━━━━━ Supplied information
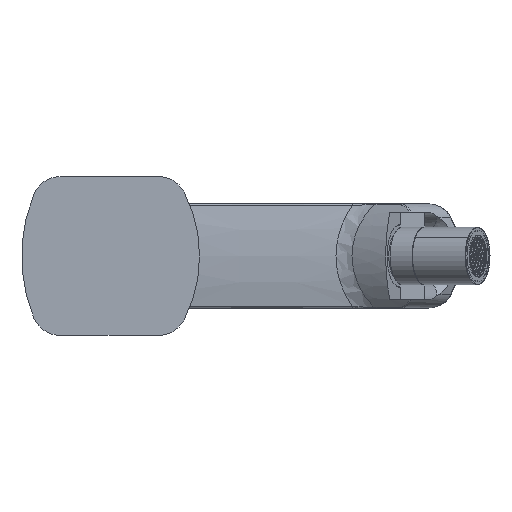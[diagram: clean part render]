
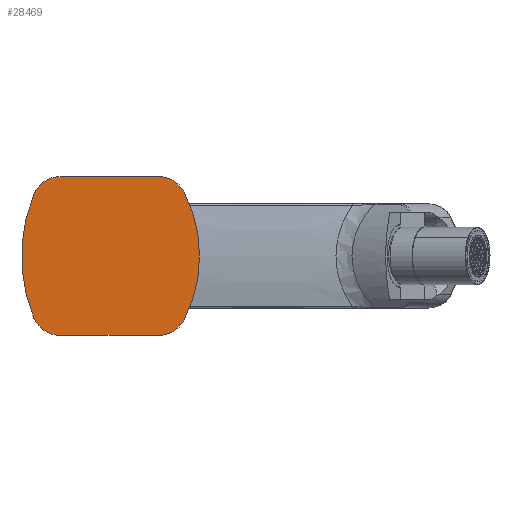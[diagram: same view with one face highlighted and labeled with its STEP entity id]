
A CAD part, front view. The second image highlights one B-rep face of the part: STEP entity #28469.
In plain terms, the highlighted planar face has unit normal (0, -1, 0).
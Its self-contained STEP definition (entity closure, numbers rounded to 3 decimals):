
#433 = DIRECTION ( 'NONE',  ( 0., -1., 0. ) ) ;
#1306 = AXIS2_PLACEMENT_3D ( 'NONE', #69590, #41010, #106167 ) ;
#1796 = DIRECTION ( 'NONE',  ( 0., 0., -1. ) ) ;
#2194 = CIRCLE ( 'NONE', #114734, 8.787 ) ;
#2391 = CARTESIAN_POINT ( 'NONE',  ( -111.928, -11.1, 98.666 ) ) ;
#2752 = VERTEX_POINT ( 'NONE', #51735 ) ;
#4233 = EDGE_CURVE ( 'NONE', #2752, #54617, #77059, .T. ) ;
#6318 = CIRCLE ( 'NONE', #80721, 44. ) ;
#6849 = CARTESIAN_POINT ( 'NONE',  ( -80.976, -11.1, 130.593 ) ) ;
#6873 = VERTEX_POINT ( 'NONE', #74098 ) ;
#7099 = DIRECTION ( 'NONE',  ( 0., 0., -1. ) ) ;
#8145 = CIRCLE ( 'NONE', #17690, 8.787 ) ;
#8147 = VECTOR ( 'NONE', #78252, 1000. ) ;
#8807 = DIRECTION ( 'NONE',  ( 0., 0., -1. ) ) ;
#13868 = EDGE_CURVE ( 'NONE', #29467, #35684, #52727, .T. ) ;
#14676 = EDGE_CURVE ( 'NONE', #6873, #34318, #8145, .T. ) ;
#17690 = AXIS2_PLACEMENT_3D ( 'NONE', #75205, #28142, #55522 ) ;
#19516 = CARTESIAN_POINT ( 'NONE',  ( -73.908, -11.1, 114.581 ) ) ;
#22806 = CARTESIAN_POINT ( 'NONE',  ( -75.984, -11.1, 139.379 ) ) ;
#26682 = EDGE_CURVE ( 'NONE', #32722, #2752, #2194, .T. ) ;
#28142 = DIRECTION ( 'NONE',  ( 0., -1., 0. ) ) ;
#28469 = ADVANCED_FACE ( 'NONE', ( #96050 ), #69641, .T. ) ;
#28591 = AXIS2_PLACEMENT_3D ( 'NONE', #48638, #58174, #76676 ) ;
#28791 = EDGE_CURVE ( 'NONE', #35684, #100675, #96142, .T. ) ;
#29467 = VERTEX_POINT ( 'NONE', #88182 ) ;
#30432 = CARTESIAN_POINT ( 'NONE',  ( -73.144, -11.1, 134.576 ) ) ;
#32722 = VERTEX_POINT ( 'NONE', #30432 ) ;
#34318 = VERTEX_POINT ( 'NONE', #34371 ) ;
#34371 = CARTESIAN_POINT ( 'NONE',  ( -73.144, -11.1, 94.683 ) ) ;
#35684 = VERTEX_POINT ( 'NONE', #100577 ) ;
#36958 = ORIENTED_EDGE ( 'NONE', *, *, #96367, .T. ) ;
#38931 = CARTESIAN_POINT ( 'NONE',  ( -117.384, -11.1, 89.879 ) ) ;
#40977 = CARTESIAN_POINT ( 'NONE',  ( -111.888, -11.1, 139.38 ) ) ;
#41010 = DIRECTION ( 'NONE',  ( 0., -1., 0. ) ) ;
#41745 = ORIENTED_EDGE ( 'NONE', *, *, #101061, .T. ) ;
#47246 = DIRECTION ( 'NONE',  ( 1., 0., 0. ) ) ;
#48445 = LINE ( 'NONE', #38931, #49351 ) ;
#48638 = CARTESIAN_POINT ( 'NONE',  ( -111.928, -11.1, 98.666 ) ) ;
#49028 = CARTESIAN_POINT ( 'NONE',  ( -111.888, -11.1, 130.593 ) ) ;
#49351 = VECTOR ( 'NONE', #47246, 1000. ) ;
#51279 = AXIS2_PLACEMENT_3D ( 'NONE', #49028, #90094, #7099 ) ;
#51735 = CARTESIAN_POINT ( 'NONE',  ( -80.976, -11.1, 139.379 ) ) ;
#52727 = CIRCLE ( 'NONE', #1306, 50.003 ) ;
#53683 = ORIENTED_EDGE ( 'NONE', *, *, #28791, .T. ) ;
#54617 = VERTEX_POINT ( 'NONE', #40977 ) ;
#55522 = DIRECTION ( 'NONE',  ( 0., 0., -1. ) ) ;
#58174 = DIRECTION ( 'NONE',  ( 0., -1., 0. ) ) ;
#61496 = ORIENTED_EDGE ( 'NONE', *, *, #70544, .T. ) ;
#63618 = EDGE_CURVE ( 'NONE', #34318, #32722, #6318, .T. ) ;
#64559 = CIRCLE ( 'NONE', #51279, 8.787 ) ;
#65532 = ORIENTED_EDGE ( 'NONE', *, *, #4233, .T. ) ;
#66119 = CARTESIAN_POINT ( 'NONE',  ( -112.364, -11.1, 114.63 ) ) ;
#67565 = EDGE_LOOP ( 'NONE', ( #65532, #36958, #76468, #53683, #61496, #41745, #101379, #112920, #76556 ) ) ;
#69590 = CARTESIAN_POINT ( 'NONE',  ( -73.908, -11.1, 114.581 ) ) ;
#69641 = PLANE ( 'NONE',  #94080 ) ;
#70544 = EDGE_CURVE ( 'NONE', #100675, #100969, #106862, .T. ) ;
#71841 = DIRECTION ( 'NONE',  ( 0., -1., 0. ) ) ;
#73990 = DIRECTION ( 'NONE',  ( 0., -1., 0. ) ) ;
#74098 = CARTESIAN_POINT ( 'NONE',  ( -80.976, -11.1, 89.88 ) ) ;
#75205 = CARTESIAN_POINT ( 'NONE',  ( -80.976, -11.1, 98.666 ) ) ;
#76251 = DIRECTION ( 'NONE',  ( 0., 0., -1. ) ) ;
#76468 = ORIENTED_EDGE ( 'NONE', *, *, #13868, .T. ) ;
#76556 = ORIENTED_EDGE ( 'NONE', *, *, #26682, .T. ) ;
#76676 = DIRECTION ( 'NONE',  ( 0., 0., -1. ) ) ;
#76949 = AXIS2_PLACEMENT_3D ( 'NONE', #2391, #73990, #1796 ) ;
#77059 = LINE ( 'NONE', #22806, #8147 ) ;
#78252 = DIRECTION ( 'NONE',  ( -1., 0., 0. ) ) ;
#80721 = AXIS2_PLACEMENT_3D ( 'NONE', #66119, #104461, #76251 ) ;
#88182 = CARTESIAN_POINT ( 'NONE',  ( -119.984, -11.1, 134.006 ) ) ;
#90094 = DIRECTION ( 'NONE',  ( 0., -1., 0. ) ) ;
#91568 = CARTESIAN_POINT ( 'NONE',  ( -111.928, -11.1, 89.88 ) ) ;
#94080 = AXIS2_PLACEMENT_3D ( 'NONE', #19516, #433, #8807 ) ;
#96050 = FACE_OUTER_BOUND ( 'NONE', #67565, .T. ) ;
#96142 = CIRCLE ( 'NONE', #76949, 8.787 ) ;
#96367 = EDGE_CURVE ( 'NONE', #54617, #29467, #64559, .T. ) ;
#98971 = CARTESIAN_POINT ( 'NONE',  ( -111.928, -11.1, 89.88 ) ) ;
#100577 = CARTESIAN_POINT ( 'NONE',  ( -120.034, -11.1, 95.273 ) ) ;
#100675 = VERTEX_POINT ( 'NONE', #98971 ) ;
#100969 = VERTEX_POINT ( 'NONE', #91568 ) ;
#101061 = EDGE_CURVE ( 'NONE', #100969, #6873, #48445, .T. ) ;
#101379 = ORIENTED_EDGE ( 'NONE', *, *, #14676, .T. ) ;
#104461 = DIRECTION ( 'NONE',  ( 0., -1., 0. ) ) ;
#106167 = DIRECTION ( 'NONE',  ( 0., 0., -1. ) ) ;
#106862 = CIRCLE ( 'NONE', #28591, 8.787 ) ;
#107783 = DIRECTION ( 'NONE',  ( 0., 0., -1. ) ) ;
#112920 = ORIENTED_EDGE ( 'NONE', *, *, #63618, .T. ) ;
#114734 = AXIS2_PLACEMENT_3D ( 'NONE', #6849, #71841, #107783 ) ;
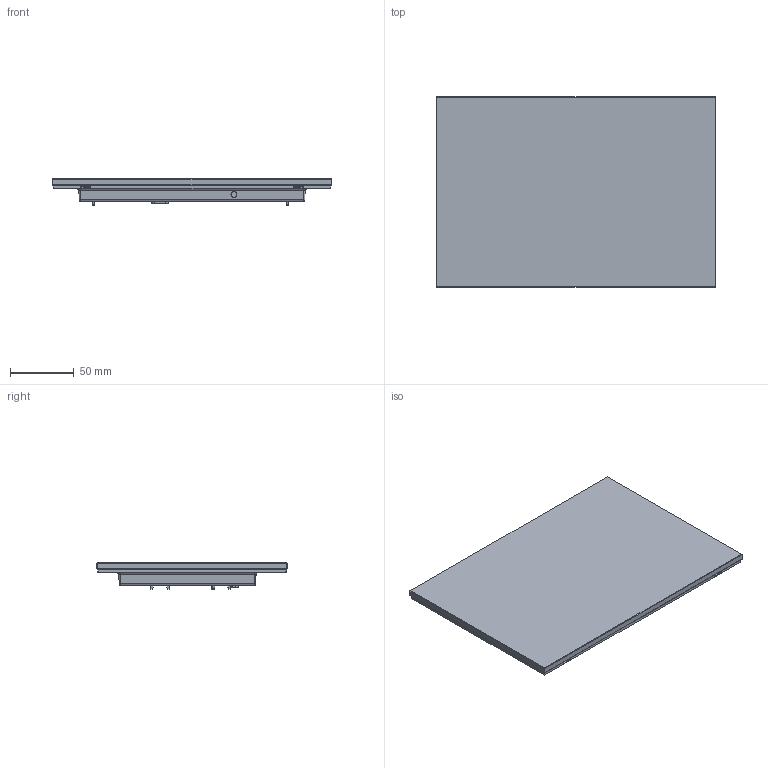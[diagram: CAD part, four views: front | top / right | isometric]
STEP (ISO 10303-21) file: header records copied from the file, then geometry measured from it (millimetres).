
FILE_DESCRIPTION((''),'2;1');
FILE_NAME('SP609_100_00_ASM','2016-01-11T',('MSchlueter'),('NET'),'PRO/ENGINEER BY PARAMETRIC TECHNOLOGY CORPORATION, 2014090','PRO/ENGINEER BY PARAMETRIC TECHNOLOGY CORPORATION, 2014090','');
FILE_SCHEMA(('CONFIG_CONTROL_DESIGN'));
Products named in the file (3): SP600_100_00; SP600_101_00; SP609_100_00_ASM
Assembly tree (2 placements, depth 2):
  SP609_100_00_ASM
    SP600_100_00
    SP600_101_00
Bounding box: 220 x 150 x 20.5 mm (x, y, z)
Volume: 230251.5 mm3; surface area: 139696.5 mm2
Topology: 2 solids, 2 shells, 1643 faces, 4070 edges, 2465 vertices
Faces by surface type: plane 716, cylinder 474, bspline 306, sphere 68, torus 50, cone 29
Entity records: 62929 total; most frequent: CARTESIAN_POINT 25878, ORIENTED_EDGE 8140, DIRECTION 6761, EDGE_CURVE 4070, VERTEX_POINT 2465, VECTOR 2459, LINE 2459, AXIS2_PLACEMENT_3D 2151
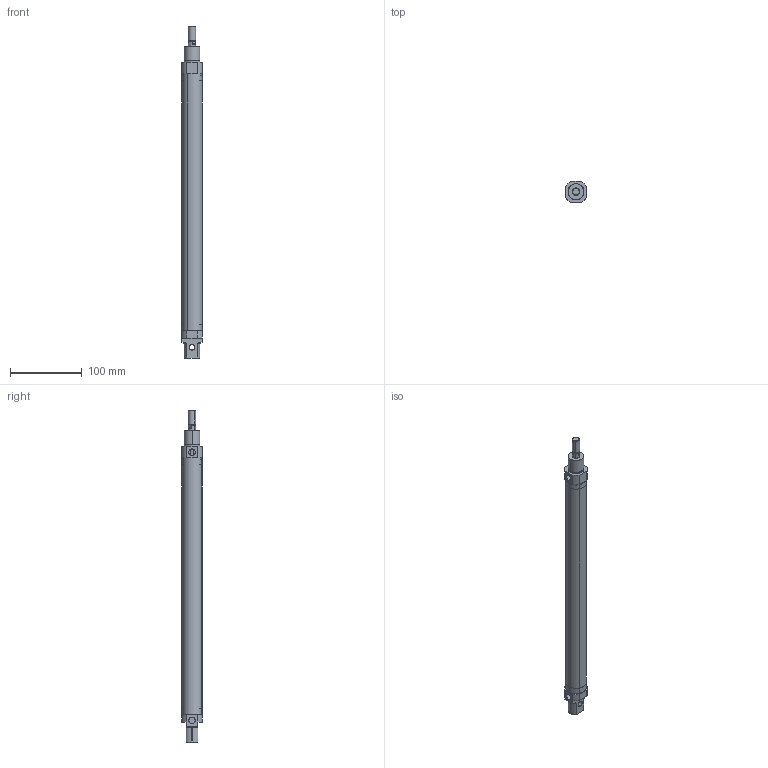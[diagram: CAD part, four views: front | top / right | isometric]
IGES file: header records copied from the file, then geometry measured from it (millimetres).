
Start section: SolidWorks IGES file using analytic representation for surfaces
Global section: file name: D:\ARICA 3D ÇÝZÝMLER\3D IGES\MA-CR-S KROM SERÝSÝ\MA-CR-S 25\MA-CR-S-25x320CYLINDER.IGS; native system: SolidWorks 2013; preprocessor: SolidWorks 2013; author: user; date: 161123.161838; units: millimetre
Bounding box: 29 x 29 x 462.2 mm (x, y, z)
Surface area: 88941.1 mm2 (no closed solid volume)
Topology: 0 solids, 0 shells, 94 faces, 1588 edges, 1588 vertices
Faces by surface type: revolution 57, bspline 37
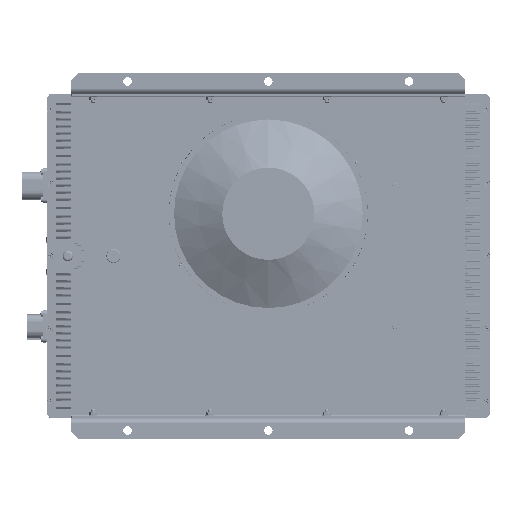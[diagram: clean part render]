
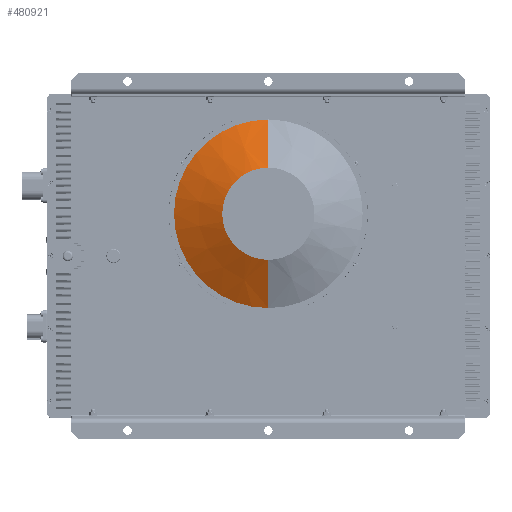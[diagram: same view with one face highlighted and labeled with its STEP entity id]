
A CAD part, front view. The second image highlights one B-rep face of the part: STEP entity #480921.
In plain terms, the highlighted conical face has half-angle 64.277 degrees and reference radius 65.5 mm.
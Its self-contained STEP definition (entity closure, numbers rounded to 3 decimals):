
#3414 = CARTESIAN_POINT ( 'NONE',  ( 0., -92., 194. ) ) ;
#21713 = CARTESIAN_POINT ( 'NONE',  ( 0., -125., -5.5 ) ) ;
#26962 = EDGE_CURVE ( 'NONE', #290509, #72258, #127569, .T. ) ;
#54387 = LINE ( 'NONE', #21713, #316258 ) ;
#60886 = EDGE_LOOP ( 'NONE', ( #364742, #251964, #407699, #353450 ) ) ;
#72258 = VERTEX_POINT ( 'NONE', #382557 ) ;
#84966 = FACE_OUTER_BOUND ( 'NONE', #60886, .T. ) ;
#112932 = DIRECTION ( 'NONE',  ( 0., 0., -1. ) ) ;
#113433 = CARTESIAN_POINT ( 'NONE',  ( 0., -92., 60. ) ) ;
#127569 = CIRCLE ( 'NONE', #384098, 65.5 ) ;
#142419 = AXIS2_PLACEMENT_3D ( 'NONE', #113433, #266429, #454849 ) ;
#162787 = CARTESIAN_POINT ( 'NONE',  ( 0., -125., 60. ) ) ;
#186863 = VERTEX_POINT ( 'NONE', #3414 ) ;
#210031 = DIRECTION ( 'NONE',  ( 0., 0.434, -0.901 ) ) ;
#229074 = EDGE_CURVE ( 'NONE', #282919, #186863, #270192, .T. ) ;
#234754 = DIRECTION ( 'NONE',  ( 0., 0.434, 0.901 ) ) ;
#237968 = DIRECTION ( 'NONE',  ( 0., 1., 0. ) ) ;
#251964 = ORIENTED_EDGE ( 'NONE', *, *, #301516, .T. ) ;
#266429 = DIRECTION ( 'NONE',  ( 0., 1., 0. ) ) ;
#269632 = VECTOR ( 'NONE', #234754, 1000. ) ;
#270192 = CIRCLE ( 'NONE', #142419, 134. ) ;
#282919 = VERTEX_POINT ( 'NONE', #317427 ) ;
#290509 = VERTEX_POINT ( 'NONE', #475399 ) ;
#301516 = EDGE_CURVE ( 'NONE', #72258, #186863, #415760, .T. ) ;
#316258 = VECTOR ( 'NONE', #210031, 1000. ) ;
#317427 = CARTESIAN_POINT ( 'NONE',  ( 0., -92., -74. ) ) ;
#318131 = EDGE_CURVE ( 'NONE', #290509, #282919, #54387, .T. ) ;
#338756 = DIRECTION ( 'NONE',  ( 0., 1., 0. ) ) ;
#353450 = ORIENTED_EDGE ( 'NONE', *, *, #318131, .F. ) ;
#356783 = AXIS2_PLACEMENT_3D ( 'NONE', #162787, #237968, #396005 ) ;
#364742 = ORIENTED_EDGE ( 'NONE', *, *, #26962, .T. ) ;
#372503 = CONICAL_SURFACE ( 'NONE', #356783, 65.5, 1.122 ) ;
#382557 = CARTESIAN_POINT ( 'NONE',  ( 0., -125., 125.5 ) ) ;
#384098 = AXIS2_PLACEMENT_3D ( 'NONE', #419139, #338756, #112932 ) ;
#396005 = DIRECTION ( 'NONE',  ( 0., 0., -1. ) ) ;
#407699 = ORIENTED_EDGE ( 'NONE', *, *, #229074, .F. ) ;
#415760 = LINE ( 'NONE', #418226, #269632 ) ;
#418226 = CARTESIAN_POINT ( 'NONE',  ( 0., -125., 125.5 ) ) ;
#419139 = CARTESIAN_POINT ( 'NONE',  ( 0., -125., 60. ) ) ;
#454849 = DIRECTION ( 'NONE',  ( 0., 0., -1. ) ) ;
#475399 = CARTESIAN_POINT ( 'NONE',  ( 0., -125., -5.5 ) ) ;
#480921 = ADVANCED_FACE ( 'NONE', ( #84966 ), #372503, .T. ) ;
━━━━━━━━━━
Aim of the exercise ▸
The string "geometry" may appear on lines of the data above; give the number of those lines and nothing more.

Result of the task ▸
2